First, we remove alignments within the blacklisted regions:

module load NGSUtils/0.5.9

bamutils filter ../../data/ENCFF045OAB.chr14.bam ENCFF045OAB.chr14.blacklist_filt.bam -excludebed ../../annot/ENCFF356LFX.bed nostrand

The output:

Done! (1:48)
4574099 kept
402329 failed

Next, we remove alignments to mitochondrial genome:

bamutils filter ENCFF045OAB.chr14.blacklist_filt.bam ENCFF045OAB.chr14.blacklist_M_filt.bam -excluderef chrM

The output:

Done! (1:23)
4520362 kept
53737 failed

Next, we remove low quality (by MAPQ) and incorrect alignments (as specified by the aligner). We also need to index the resulting bam file for the next step.

samtools view -f 0x2 -q 5 -hbo ENCFF045OAB.chr14.blacklist_M_filt.mapq5.bam ENCFF045OAB.chr14.blacklist_M_filt.bam
samtools index ENCFF045OAB.chr14.blacklist_M_filt.mapq5.bam

Finally, we can remove duplicated alignments.

module load picard/2.23.4

java -Xmx31G -jar $PICARD_HOME/picard.jar MarkDuplicates -I ENCFF045OAB.chr14.blacklist_M_filt.mapq5.bam \
 -O ENCFF045OAB.chr14.blacklist_M_filt.mapq5.dedup.bam -M ENCFF045OAB.dedup_metrics \
 -VALIDATION_STRINGENCY LENIENT -REMOVE_DUPLICATES true -ASSUME_SORTED true

samtools index ENCFF045OAB.chr14.blacklist_M_filt.mapq5.dedup.bam

Resulting file ENCFF045OAB.chr14.blacklist_M_filt.mapq5.dedup.bam containes preprocessed alignments we can use in the analysis and visualisations.

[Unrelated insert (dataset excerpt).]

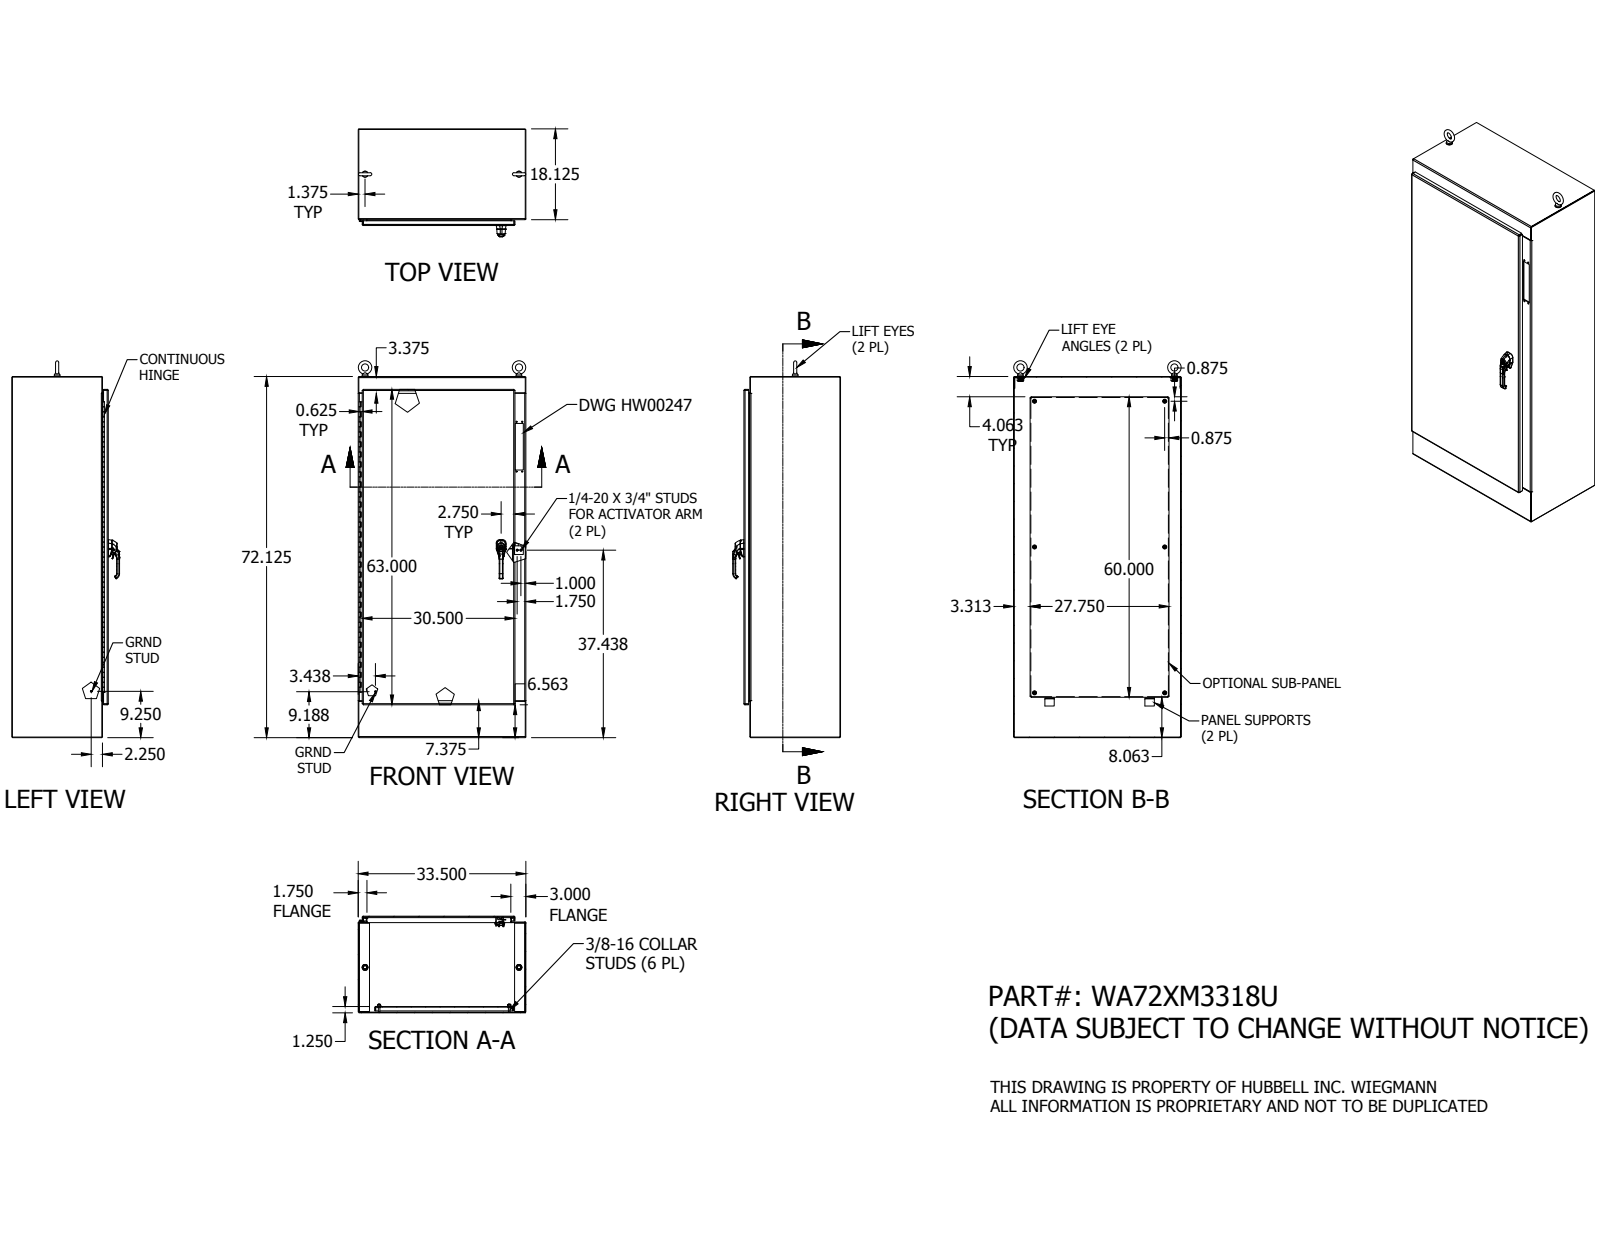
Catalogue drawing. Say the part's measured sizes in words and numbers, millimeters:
The part is named "WA72XM33U_BACK; WA72XM18U_RIGHT_SIDE; WA72XM18U_LEFT_SIDE; WAXM3318U_TOP_ENWDALL (+8 more)". Its 3-D file was written by "Autodesk Inventor 2014 (AUTOMOTIVE_DESIGN)". It is 103 solids with 3698 faces: 1615 planar, 1232 cylindrical and 851 other. Overall it measures 1911.29 by 850.9 by 547.14 millimeters. Its volume is 23 130 000 cubic millimeters and its surface area 14 830 000 square millimeters. Round holes: 10 of diameter 9.52, 8 of diameter 7.02, 7 of diameter 7.14, 6 of diameter 3.96, 6 of diameter 6.35, 6 of diameter 7.8, 6 of diameter 14.29, 4 of diameter 5.08, 4 of diameter 7.37, 3 of diameter 5.4, 2 of diameter 3, 2 of diameter 3.17. Round bosses or shafts: 10 of diameter 15.88, 9 of diameter 8.38, 6 of diameter 14.29, 4 of diameter 9.52, 4 of diameter 8.56, 4 of diameter 6.35, 3 of diameter 6, 2 of diameter 31.75. Partial cylindrical surfaces (rounded edges, fillets, slot ends): 187 of radius 0.5, 109 of radius 0.3, 48 of radius 0.51, 21 of radius 0.47, 21 of radius 2.38, 20 of radius 5.56, 14 of radius 1.27, 14 of radius 2. The main face-to-face distances are 3.17, 3.18, 28.58, 486.84, 483.67, 490.02, 486.85, 31.75, 455.09, 458.27. The hole center spacings are 619.53, 660.4, 9.67, 9.69, 9.72, 19.05, 19.36, 19.4.
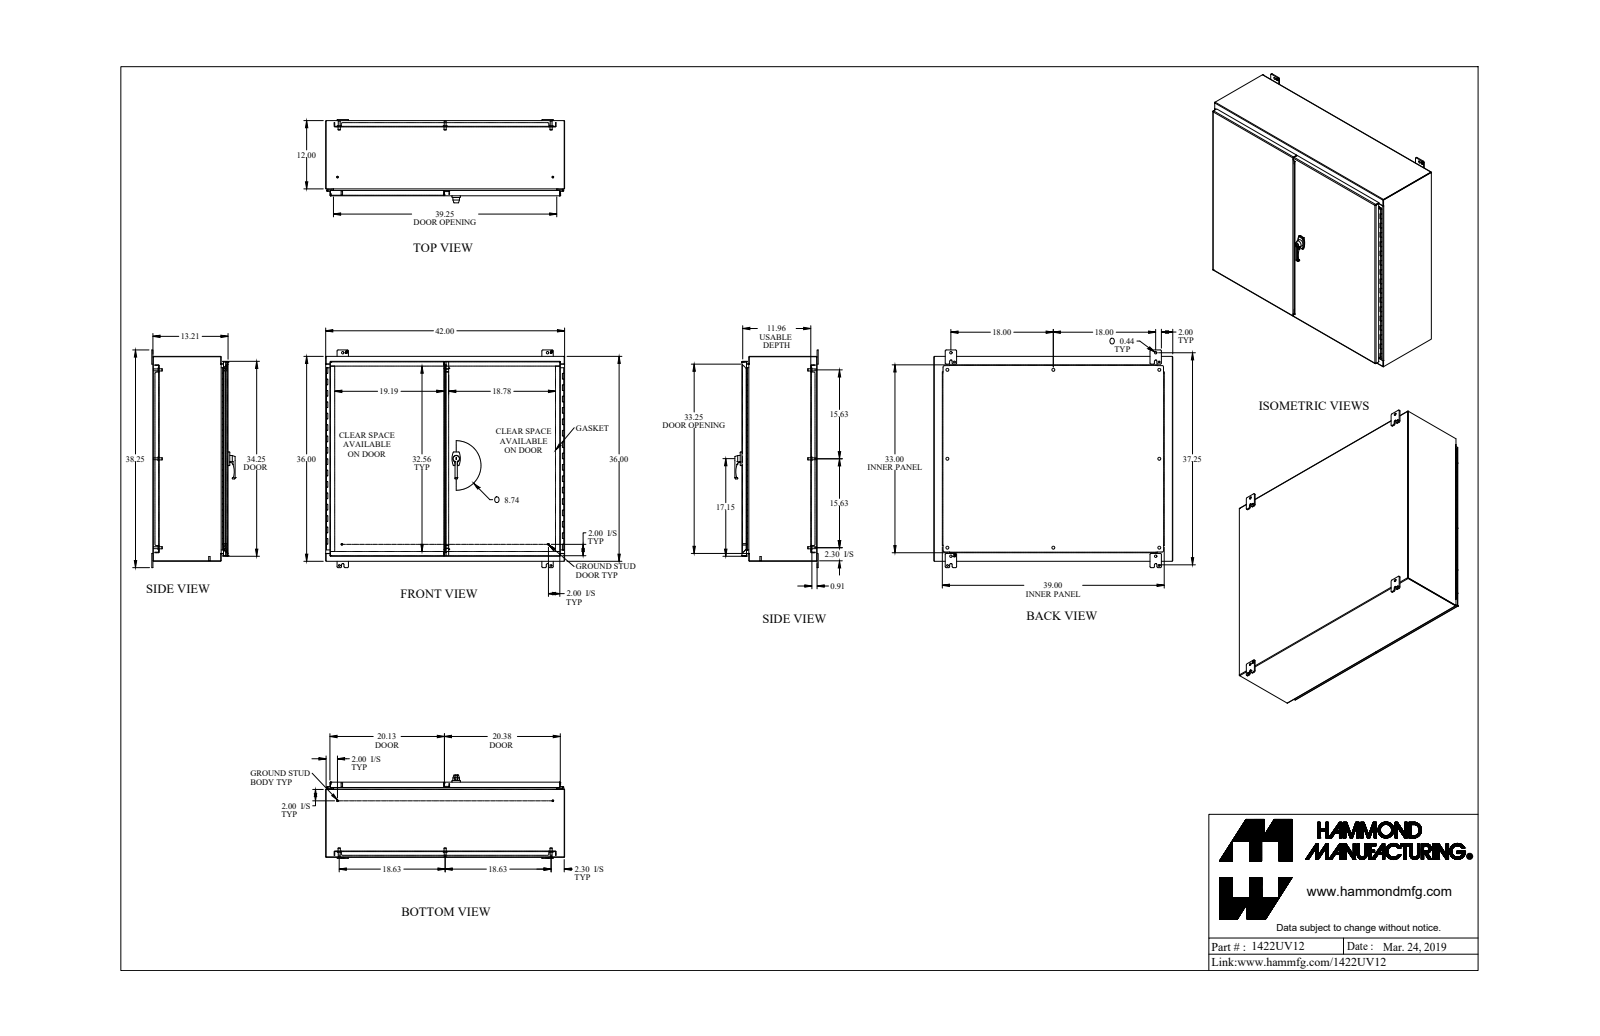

While we are at it, we can inspect the duplication status of the library. This is another early QC step we perform, and it informs us of library complexity.

head ENCFF045OAB.dedup_metrics

Key information from ENCFF045OAB.dedup_metrics:

READ_PAIRS_EXAMINED 1544973
READ_PAIR_DUPLICATES 105752
PERCENT_DUPLICATION 0.068449

Inspecting file contents.

head ENCFF045OAB.dedup_metrics

Good news, low duplication level in this library, we can proceed with further QC and analysis.